━━ Provided data ━━
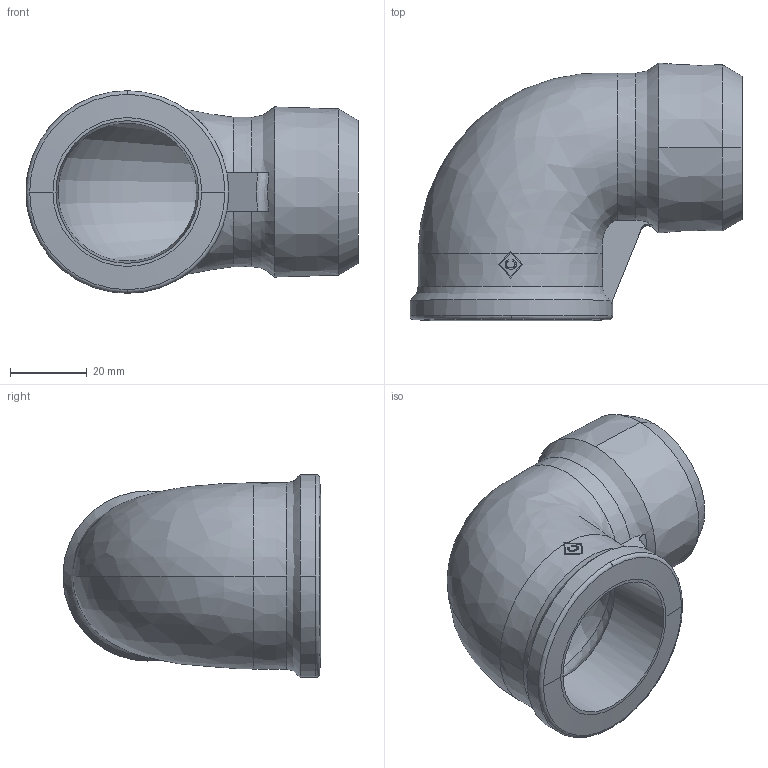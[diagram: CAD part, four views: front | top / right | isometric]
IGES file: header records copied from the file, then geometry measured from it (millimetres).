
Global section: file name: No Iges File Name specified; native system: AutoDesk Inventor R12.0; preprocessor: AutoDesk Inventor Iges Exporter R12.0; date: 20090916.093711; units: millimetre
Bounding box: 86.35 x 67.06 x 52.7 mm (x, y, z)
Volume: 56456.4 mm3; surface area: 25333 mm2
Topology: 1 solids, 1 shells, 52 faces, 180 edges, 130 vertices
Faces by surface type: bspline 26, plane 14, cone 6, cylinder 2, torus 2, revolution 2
━━━
**About this exercise:**
Retype the whole of the data verbatim. Skip every picture.

**Task solution:**
[diagram: CAD part, four views: front | top / right | isometric]
IGES file: header records copied from the file, then geometry measured from it (millimetres).
Global section: file name: No Iges File Name specified; native system: AutoDesk Inventor R12.0; preprocessor: AutoDesk Inventor Iges Exporter R12.0; date: 20090916.093711; units: millimetre
Bounding box: 86.35 x 67.06 x 52.7 mm (x, y, z)
Volume: 56456.4 mm3; surface area: 25333 mm2
Topology: 1 solids, 1 shells, 52 faces, 180 edges, 130 vertices
Faces by surface type: bspline 26, plane 14, cone 6, cylinder 2, torus 2, revolution 2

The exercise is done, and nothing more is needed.